One way to optimize performance is to change program text from one thing into something else. In this case, "function calls" refers to the text before the transformation is applied.
It seems reasonable to me to describe an optimization by identifying where it can be applied. If someone wrote a blog post titled "optimizing multiplication by 2" and went on to describe changing "x * 2" into "x + x", there would be nothing unusual about that. It would no longer be multiplication, but we wouldn't necessarily expect it to be.
I agree it can be interpreted another way in this case, though. So while I maintain it is not wrong, I admit it is ambiguous. Someone could have used the same title had they written about a one-line optimization to the Python interpreter.
It only speeds up calls to pure (side-effect free) functions, that have been executed before with these exact parameters and where the result is still cached. All other calls get slower.
Also, there's an argument to be made that "function call" is the overhead involved in moving control from the call site to the callee (which can be significant in interpreted languages such as Python). That's at least how I interpreted it at first.
It speeds up recursive functions that haven’t been called before with the same arguments. In this case, it caches all the intermediate results that would otherwise have to be recalculated.
No, you have to be more specific than "recursive functions", many recursive functions will see no such benefit. A simple example is factorial function: adding @lru_cache to that will only slow it down.
This technique ("memoization") is a technique from dynamic programming, and it only works on very particular types of functions. The two criteria are:
* Optimal substructure: the function has to be a recursive function that can be solved by solving "smaller" versions of the same function (this is roughly what people mean when they say a function can be solved "recursively")
* Overlapping subproblems: the smaller sub-problems have to overlap, so that memoizing them actually introduces a benefit. For instance, in order to calculate F(10) (F(n) being the Fibonacci sequence), you have to calculate F(9) and F(8), and in order to calculate F(9), you have to calculate F(8) and F(7). That means that F(10)'s subproblems overlap with F(9)'s (both require F(8)).
For the factorial function, the first is true, the second is not. There are no overlapping subproblems for calculating the factorial, so memoizing the function in order to speed it up is pointless.
This is a very particular kind of problem. It's a type of problem you learn about in computer science class, have to face in terrible developer job interviews, and find all over the place on Project Euler. It's is very rare that you actually encounter it in the wild. Giving the advice "@lru_cache speeds up functions!" is misguided: it only speeds up a very particular kind of function. It slows down basically all other pure functions. Also: if you've identified a problem of this kind, memoization is not the fastest way to solve it: turning the recursion upside-down and iterating usually is.
The real use-case for @lru_cache, IMHO, is to use it as an actual cache: like, caching database entries or other data you'd need to do I/O to fetch. That is a much more reasonable use case.
I agree, I think of function call as the time it takes to copy the stack frame, setup variables, and move the program counter. I'm not sure that adding a decorator slows this down, but I suspect it does.

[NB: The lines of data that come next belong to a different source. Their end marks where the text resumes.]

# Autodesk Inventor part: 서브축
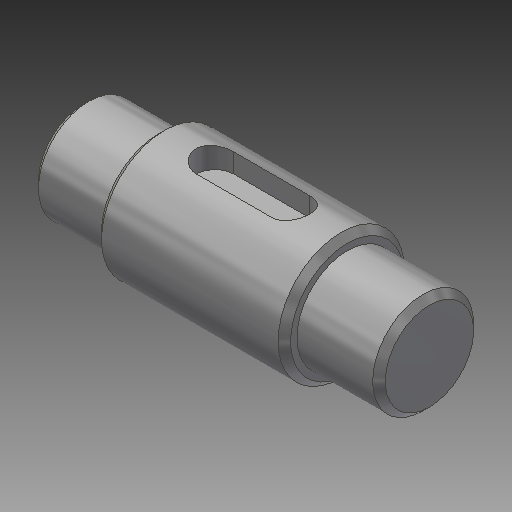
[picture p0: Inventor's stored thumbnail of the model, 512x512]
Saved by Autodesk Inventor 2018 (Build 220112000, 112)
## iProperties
Created: 2019-03
Part Number: 서브축
Material: 강철, 연강
Document SubType Name: Modeling
Designer: mduedu
Density: 1 g/cm^3
Appearance: 강철
Author: mduedu
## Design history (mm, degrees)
sketch "스케치1"
  geometry: L1 (0, 0)-(12, 0); L2 (12, 0)-(12, 8); L3 (12, 8)-(0, 8); L4 (0, 8)-(0, 0); L5 (12, 0)-(42, 0); L6 (42, 0)-(42, 10); L7 (42, 10)-(12, 10); L8 (12, 10)-(12, 0); L9 (42, 0)-(55, 0); L10 (55, 0)-(55, 8); L11 (55, 8)-(42, 8); L12 (42, 8)-(42, 0)
  constraints: 24 end point, 6 parallel, 3 horizontal, 3 perpendicular
  dimensions: "d0" = 16 diameter of L3 L1; "d2" = 20 diameter of L7 L5; "d3" = 16 diameter of L11 L9; "d4" = 12 distance of L2.end L3.end; "d5" = 30 distance of L6.end L7.end; "d6" = 55 distance between parallel lines of L10 L4
revolve "회전1" sketch "스케치1" stored, may be unused: angle "d7" = 90 deg
node "작업 평면1"
sketch "스케치2" dims "d10" = 18
  geometry: L1 (6, -3)-(-6, -3); L2 (-6, -3)-(-6, 3); L3 (-6, 3)-(6, 3); L4 (6, 3)-(6, -3); L5 (15, 10)-(15, -10) reference; 3 further points
  constraints: 8 end point, 2 midpoint, 2 parallel, 2 vertical alignment, 1 horizontal, 1 horizontal alignment, 1 perpendicular, 4 other
  dimensions: "d8" = 6 distance between parallel lines of L3 L1; "d11" = 6 dimension on L5
extrude "돌출1" cut sketch "스케치2" distance "d12" = 3.5; taper "d13" = 0 deg
chamfer "모따기1" distance "d14" = 1; stored, may be unused: second distance "d15" = 2, angle "d16" = 45 deg
chamfer "모따기2" distance "d17" = 1; stored, may be unused: second distance "d18" = 2, angle "d19" = 45 deg
node "솔리드1"

A better title would just be 'add memoization in one line in python' or something.
Just a side note: with Fibonacci + caching it solidly become Dynamic programming problem so Time complexity reduces from quadratic to o(n), IIRC .
There is a whole class of problems where
recursion + memoization(caching) = Top Down Dynamic programming ,
The other way to Increase performance and actually reduce call stack in these class of problems including Fibonacci would be Bottom Up Dynamic Programming
The follow-up posts go into even more detail on individual problems that can be solved using either form of dynamic programming, including some real-world problems like content-aware image resizing.
Thank you for the link, I enjoyed the post a lot. The drawings you've done add a lot to the explanation. Do you have any other deep dives you've done in the same style that you'd recommend?
Yes, I have mentioned DP in my article as just reference. The Purpose of article was to show that how easy it is to implement caching in python using lru_cache decorator which is in std lib. So, We don't have to install any 3rd party lib.
Edit: I don't actually have much of a problem with the article headline as it is now. It depends a lot on your target audience! For Hacker News, yeah, we know what memoization is because we learned it in CS 102, right after we learned about recursion.
But for a lot of people who would get the most value from the article, the word "memoization" isn't going to mean much, and wouldn't read the article.
Maybe something like: "Memoization in Python, or how I learned to speed up function calls in just one line"
It seems reasonable to me to describe an optimization by identifying where it can be applied. If someone wrote a blog post titled "optimizing multiplication by 2" and went on to describe changing "x * 2" into "x + x", there would be nothing unusual about that. It would no longer be multiplication, but we wouldn't necessarily expect it to be.
I agree it can be interpreted another way in this case, though. So while I maintain it is not wrong, I admit it is ambiguous. Someone could have used the same title had they written about a one-line optimization to the Python interpreter.